[What to produce]:
In the records below, some lines contain the word "ONSC". Copy each of them.

[Task material]:
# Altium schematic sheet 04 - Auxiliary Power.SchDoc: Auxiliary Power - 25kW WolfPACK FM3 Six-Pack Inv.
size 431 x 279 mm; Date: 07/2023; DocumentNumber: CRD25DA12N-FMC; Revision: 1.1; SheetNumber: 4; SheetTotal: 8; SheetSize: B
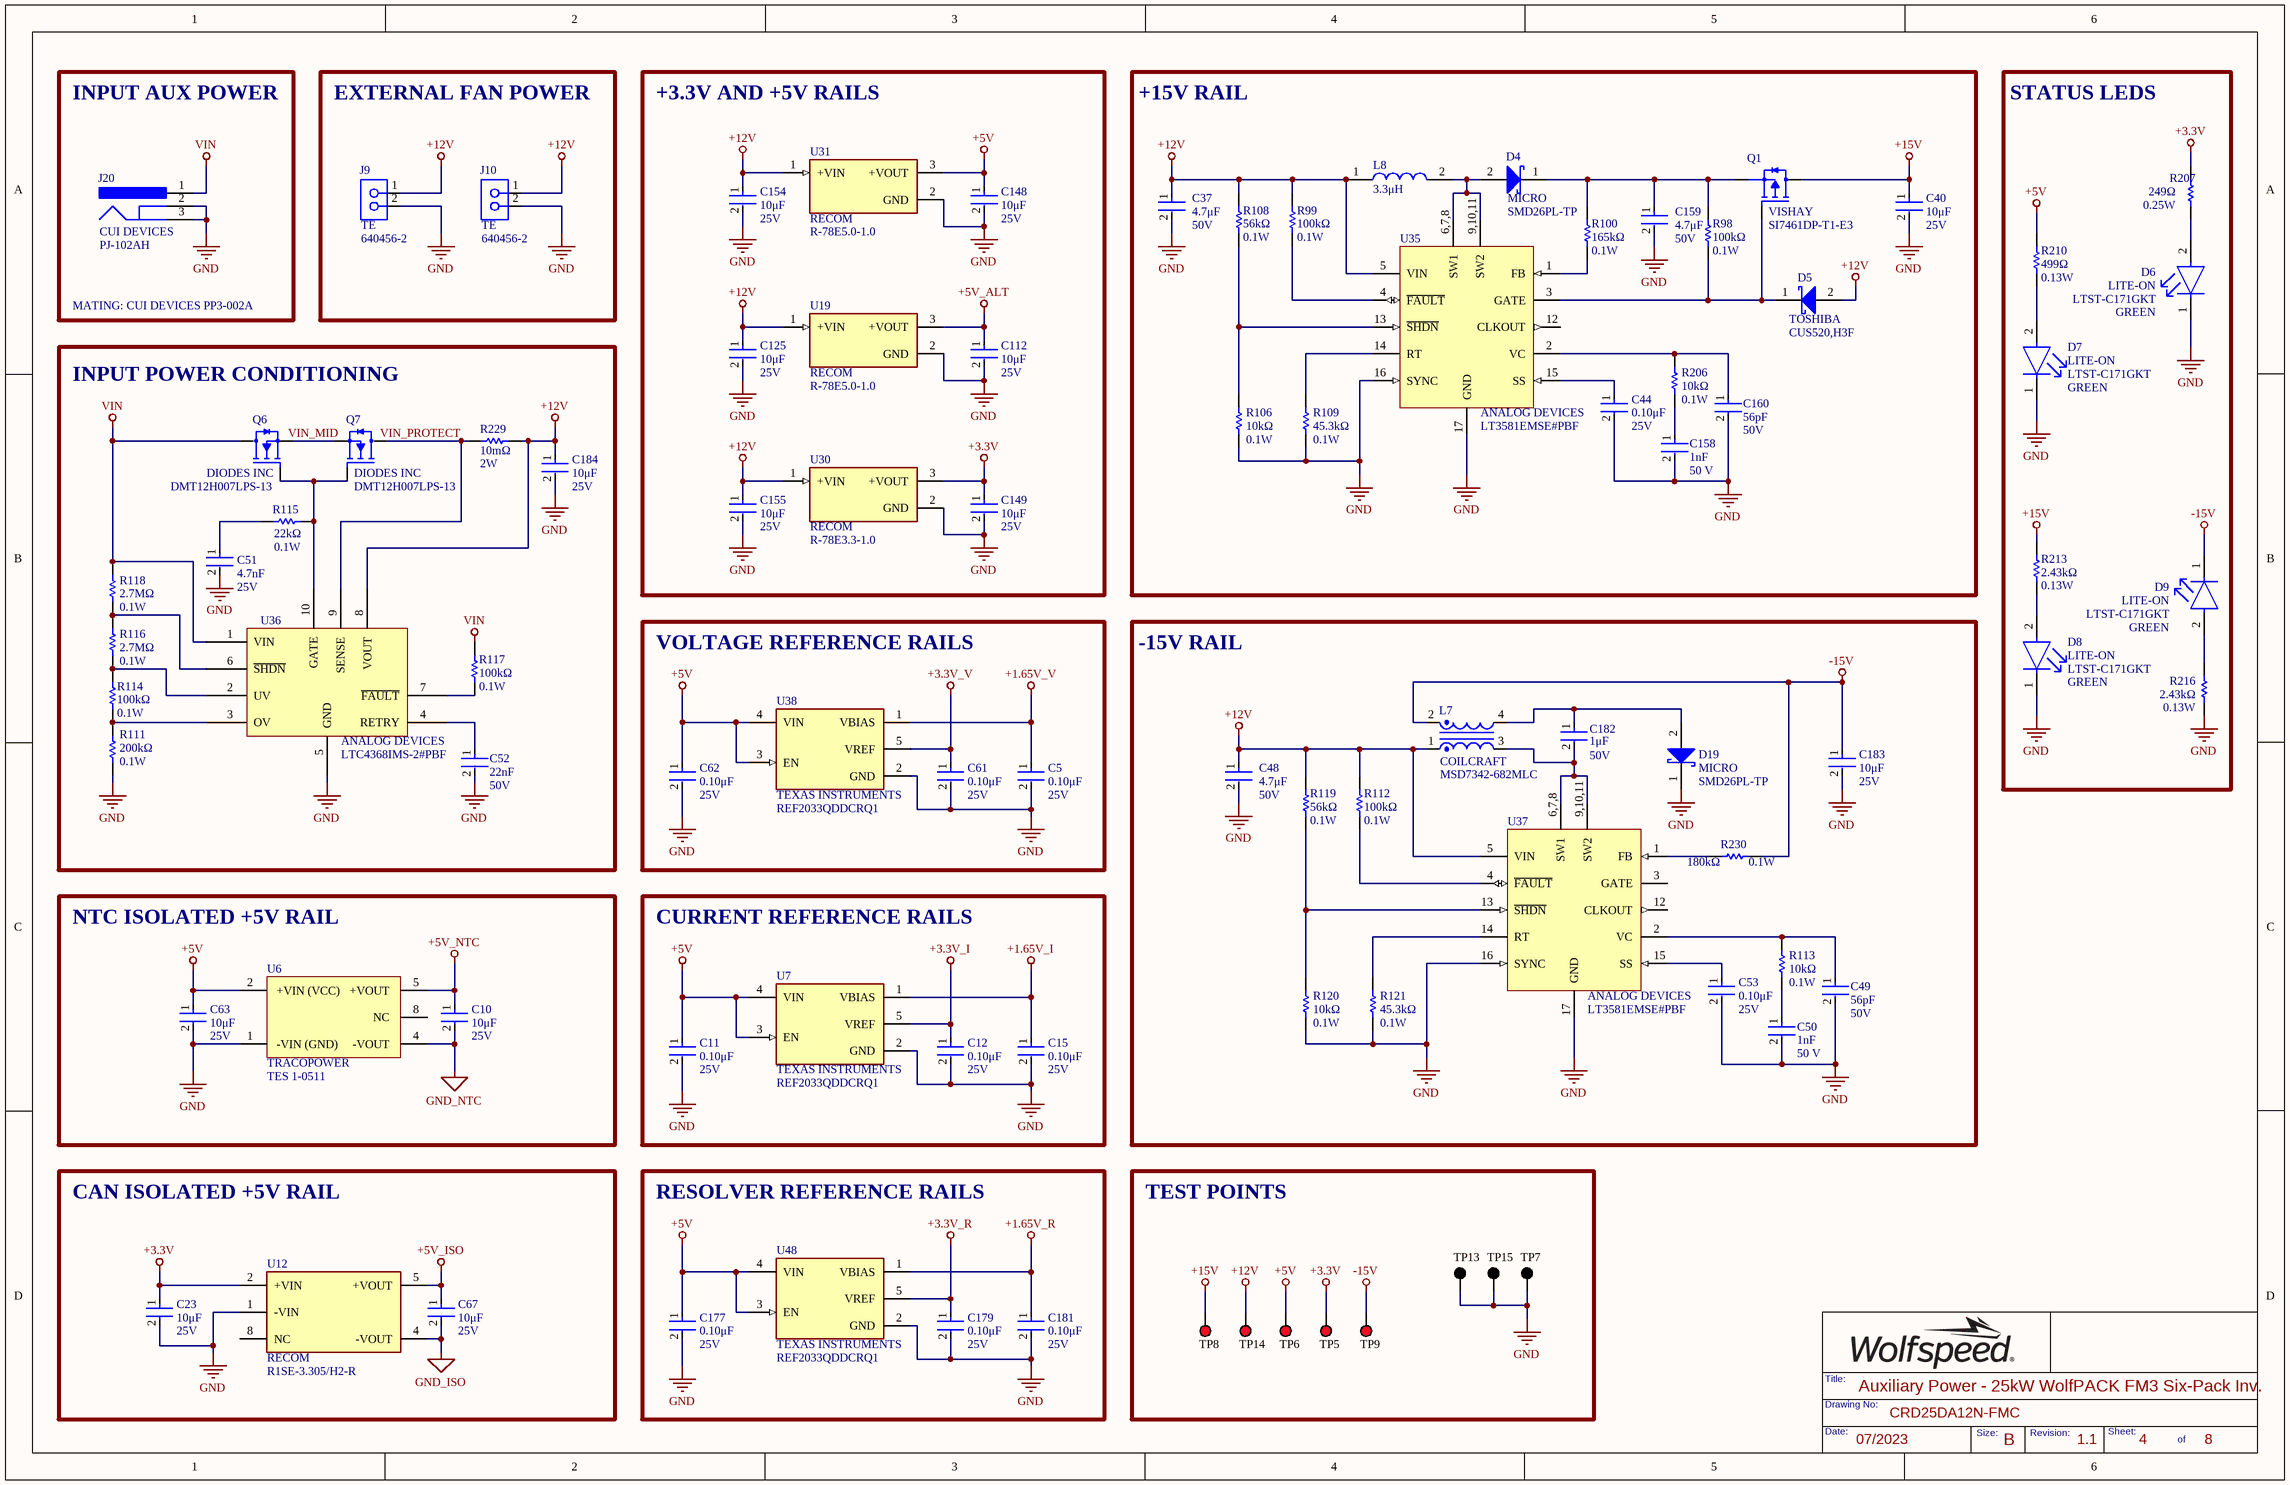
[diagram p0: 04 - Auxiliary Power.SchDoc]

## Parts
C5  Voltage Rating: 25V  Capacitance: 0.10μF  [FP-C0603C-CF-IPC_B]  (hidden comment: C0603C104K3RACTU)
C10  Voltage Rating: 25V  Capacitance: 10μF  [FP-CL31-IPC_B]  (hidden comment: CL31B106KAHSFNE)
C11  Voltage Rating: 25V  Capacitance: 0.10μF  [FP-C0603C-CF-IPC_B]  (hidden comment: C0603C104K3RACTU)
C12  Voltage Rating: 25V  Capacitance: 0.10μF  [FP-C0603C-CF-IPC_B]  (hidden comment: C0603C104K3RACTU)
C15  Voltage Rating: 25V  Capacitance: 0.10μF  [FP-C0603C-CF-IPC_B]  (hidden comment: C0603C104K3RACTU)
C23  Voltage Rating: 25V  Capacitance: 10μF  [FP-CL31-IPC_B]  (hidden comment: CL31B106KAHSFNE)
C37  Voltage Rating: 50V  Capacitance: 4.7μF  [FP-CL31-IPC_C]  (hidden comment: CL31B475KBHNFNE)
C40  Voltage Rating: 25V  Capacitance: 10μF  [FP-CL31-IPC_B]  (hidden comment: CL31B106KAHSFNE)
C44  Voltage Rating: 25V  Capacitance: 0.10μF  [FP-C0603C-CF-IPC_B]  (hidden comment: C0603C104K3RACTU)
C48  Voltage Rating: 50V  Capacitance: 4.7μF  [FP-CL31-IPC_C]  (hidden comment: CL31B475KBHNFNE)
C49  Capacitance: 56pF  Voltage Rating: 50V  [FP-C0603C-CF-IPC_B]  (hidden comment: CL10C560JB8NNNC)
C50  Capacitance: 1nF  Voltage Rating: 50 V  [FP-C0603C-CF-IPC_B]  (hidden comment: C0603C102K5RACAUTO)
C51  Voltage Rating: 25V  Capacitance: 4.7nF  [FP-C0603C-CF-IPC_B]  (hidden comment: C0603C472K3RAC7867)
C52  Capacitance: 22nF  Voltage: 50V  [FP-C0603C-CF-IPC_B]  (hidden comment: CC0805KRX7R9BB223)
C53  Voltage Rating: 25V  Capacitance: 0.10μF  [FP-C0603C-CF-IPC_B]  (hidden comment: C0603C104K3RACTU)
C61  Voltage Rating: 25V  Capacitance: 0.10μF  [FP-C0603C-CF-IPC_B]  (hidden comment: C0603C104K3RACTU)
C62  Voltage Rating: 25V  Capacitance: 0.10μF  [FP-C0603C-CF-IPC_B]  (hidden comment: C0603C104K3RACTU)
C63  Voltage Rating: 25V  Capacitance: 10μF  [FP-CL31-IPC_B]  (hidden comment: CL31B106KAHSFNE)
C67  Voltage Rating: 25V  Capacitance: 10μF  [FP-CL31-IPC_B]  (hidden comment: CL31B106KAHSFNE)
C112  Voltage Rating: 25V  Capacitance: 10μF  [FP-CL31-IPC_B]  (hidden comment: CL31B106KAHSFNE)
C125  Voltage Rating: 25V  Capacitance: 10μF  [FP-CL31-IPC_B]  (hidden comment: CL31B106KAHSFNE)
C148  Voltage Rating: 25V  Capacitance: 10μF  [FP-CL31-IPC_B]  (hidden comment: CL31B106KAHSFNE)
C149  Voltage Rating: 25V  Capacitance: 10μF  [FP-CL31-IPC_B]  (hidden comment: CL31B106KAHSFNE)
C154  Voltage Rating: 25V  Capacitance: 10μF  [FP-CL31-IPC_B]  (hidden comment: CL31B106KAHSFNE)
C155  Voltage Rating: 25V  Capacitance: 10μF  [FP-CL31-IPC_B]  (hidden comment: CL31B106KAHSFNE)
C158  Capacitance: 1nF  Voltage Rating: 50 V  [FP-C0603C-CF-IPC_B]  (hidden comment: C0603C102K5RACAUTO)
C159  Voltage Rating: 50V  Capacitance: 4.7μF  [FP-CL31-IPC_C]  (hidden comment: CL31B475KBHNFNE)
C160  Capacitance: 56pF  Voltage Rating: 50V  [FP-C0603C-CF-IPC_B]  (hidden comment: CL10C560JB8NNNC)
C177  Voltage Rating: 25V  Capacitance: 0.10μF  [FP-C0603C-CF-IPC_B]  (hidden comment: C0603C104K3RACTU)
C179  Voltage Rating: 25V  Capacitance: 0.10μF  [FP-C0603C-CF-IPC_B]  (hidden comment: C0603C104K3RACTU)
C181  Voltage Rating: 25V  Capacitance: 0.10μF  [FP-C0603C-CF-IPC_B]  (hidden comment: C0603C104K3RACTU)
C182  Capacitance: 1μF  Voltage: 50V  [FP-CL21-IPC_A]  (hidden comment: CL21B105KBFNNNE)
C183  Voltage Rating: 25V  Capacitance: 10μF  [FP-CL31-IPC_B]  (hidden comment: CL31B106KAHSFNE)
C184  Voltage Rating: 25V  Capacitance: 10μF  [FP-CL31-IPC_B]  (hidden comment: CL31B106KAHSFNE)
D4  SMD26PL-TP  Manufacturer Print: MICRO  [ONSC-SOD-123FL-2-498-01_V]
D5  CUS520,H3F  Manufacturer Print: TOSHIBA  [FP-USC-MFG]
D6  value GREEN  Manufacturer: LITE-ON  [FP-LTST-C171GKT-MFG]  (hidden comment: LTST-C171GKT)
D7  value GREEN  Manufacturer: LITE-ON  [FP-LTST-C171GKT-MFG]  (hidden comment: LTST-C171GKT)
D8  value GREEN  Manufacturer: LITE-ON  [FP-LTST-C171GKT-MFG]  (hidden comment: LTST-C171GKT)
D9  value GREEN  Manufacturer: LITE-ON  [FP-LTST-C171GKT-MFG]  (hidden comment: LTST-C171GKT)
D19  SMD26PL-TP  Manufacturer Print: MICRO  [ONSC-SOD-123FL-2-498-01_V]
J9  640456-2  Manufacturer Print: TE  [TECO-640456-2_V]
J10  640456-2  Manufacturer Print: TE  [TECO-640456-2_V]
J20  PJ-102AH  Manufacturer Print: CUI DEVICES  [CUI-PJ-102B_V]
L7  MSD7342-682MLC  Manfacturer Print: COILCRAFT  [MSD7342682MLC]
L8  value 3.3μH  [FP-NR5040-H_4_1-MFG]  (hidden comment: NRS5040T3R3NMGJ)
Q1  Manufacturer: VISHAY  [FP-S17-0173-SINGLE-MFG]  (hidden comment: SI7461DP-T1-E3)
Q6  DMT12H007LPS-13  Manufacturer: DIODES INC  [FP-PowerDI5060-8-MFG]
Q7  DMT12H007LPS-13  Manufacturer: DIODES INC  [FP-PowerDI5060-8-MFG]
R98  Resistance: 100kΩ  Power Rating: 0.1W  [FP-MCR03-IPC_B]  (hidden comment: RC0603FR-07100KL)
R99  Resistance: 100kΩ  Power Rating: 0.1W  [FP-MCR03-IPC_B]  (hidden comment: RC0603FR-07100KL)
R100  Resistance: 165kΩ  Power Rating: 0.1W  [FP-MCR03-IPC_B]  (hidden comment: ERJ-3EKF1653V)
R106  Resistance: 10kΩ  Max Power Dissipation: 0.1W  [FP-MCR03-IPC_B]  (hidden comment: ERJ3EKF1002V)
R108  Resistance: 56kΩ  Power Rating: 0.1W  [FP-MCR03-IPC_B]  (hidden comment: RC0603FR-0756KL)
R109  Max Power Dissipation: 0.1W  Resistance: 45.3kΩ  [FP-MCR03-IPC_B]  (hidden comment: RMCF0603FT45K3)
R111  Resistance: 200kΩ  Max Power Dissipation: 0.1W  [FP-MCR03-IPC_B]  (hidden comment: ERJ-3EKF2003V)
R112  Resistance: 100kΩ  Power Rating: 0.1W  [FP-MCR03-IPC_B]  (hidden comment: RC0603FR-07100KL)
R113  Resistance: 10kΩ  Max Power Dissipation: 0.1W  [FP-MCR03-IPC_B]  (hidden comment: ERJ3EKF1002V)
R114  Resistance: 100kΩ  Power Rating: 0.1W  [FP-MCR03-IPC_B]  (hidden comment: RC0603FR-07100KL)
R115  Power Rating: 0.1W  Resistance: 22kΩ  [FP-MCR03-IPC_B]  (hidden comment: ERJ-3EKF2202V)
R116  Power Rating: 0.1W  Resistance: 2.7MΩ  [FP-MCR03-IPC_B]  (hidden comment: RC0603JR-072M7L)
R117  Resistance: 100kΩ  Power Rating: 0.1W  [FP-MCR03-IPC_B]  (hidden comment: RC0603FR-07100KL)
R118  Power Rating: 0.1W  Resistance: 2.7MΩ  [FP-MCR03-IPC_B]  (hidden comment: RC0603JR-072M7L)
R119  Resistance: 56kΩ  Power Rating: 0.1W  [FP-MCR03-IPC_B]  (hidden comment: RC0603FR-0756KL)
R120  Resistance: 10kΩ  Max Power Dissipation: 0.1W  [FP-MCR03-IPC_B]  (hidden comment: ERJ3EKF1002V)
R121  Max Power Dissipation: 0.1W  Resistance: 45.3kΩ  [FP-MCR03-IPC_B]  (hidden comment: RMCF0603FT45K3)
R206  Resistance: 10kΩ  Max Power Dissipation: 0.1W  [FP-MCR03-IPC_B]  (hidden comment: ERJ3EKF1002V)
R207  Resistance: 249Ω  Power Rating: 0.25W  [FP-MCR18-IPC_A]  (hidden comment: RC1206FR-07249RL)
R210  Resistance: 499Ω  Max Power Dissipation: 0.13W  [FP-MCR10-IPC_A]  (hidden comment: RC0805FR-07499RL)
R213  Resistance: 2.43kΩ  Power Rating: 0.13W  [FP-MCR10-IPC_A]  (hidden comment: ERJ-6ENF2431V)
R216  Resistance: 2.43kΩ  Power Rating: 0.13W  [FP-MCR10-IPC_A]  (hidden comment: ERJ-6ENF2431V)
R229  Resistance: 10mΩ  Max Power Dissipation: 2W  [FP-RL2512-IPC_A]  (hidden comment: PE2512FKE7W0R01L)
R230  Resistance: 180kΩ  Max Power Dissipation: 0.1W  [FP-CRGCQ0603-IPC_A]  (hidden comment: CRGCQ0603F180K)
TP5  5010  [KSTN-5010_V]  (value not drawn)
TP6  5010  [KSTN-5010_V]  (value not drawn)
TP7  5011  [KSTN-5011_V]  (value not drawn)
TP8  5010  [KSTN-5010_V]  (value not drawn)
TP9  5010  [KSTN-5010_V]  (value not drawn)
TP13  5011  [KSTN-5011_V]  (value not drawn)
TP14  5010  [KSTN-5010_V]  (value not drawn)
TP15  5011  [KSTN-5011_V]  (value not drawn)
U6  Manufacturer: TRACOPOWER  [TRACO-TES1-5_V]  (hidden comment: TES 1-0511)
U7  Manufacturer: TEXAS INSTRUMENTS  [FP-DDC0005A-MFG]  (hidden comment: REF2033QDDCRQ1)
U12  Manufacturer: RECOM  [FP-R1SE-0505-R-MFG]  (hidden comment: R1SE-3.305/H2-R)
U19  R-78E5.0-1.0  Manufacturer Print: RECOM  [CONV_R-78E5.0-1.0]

[Reply]:
D4  SMD26PL-TP  Manufacturer Print: MICRO  [ONSC-SOD-123FL-2-498-01_V]
D19  SMD26PL-TP  Manufacturer Print: MICRO  [ONSC-SOD-123FL-2-498-01_V]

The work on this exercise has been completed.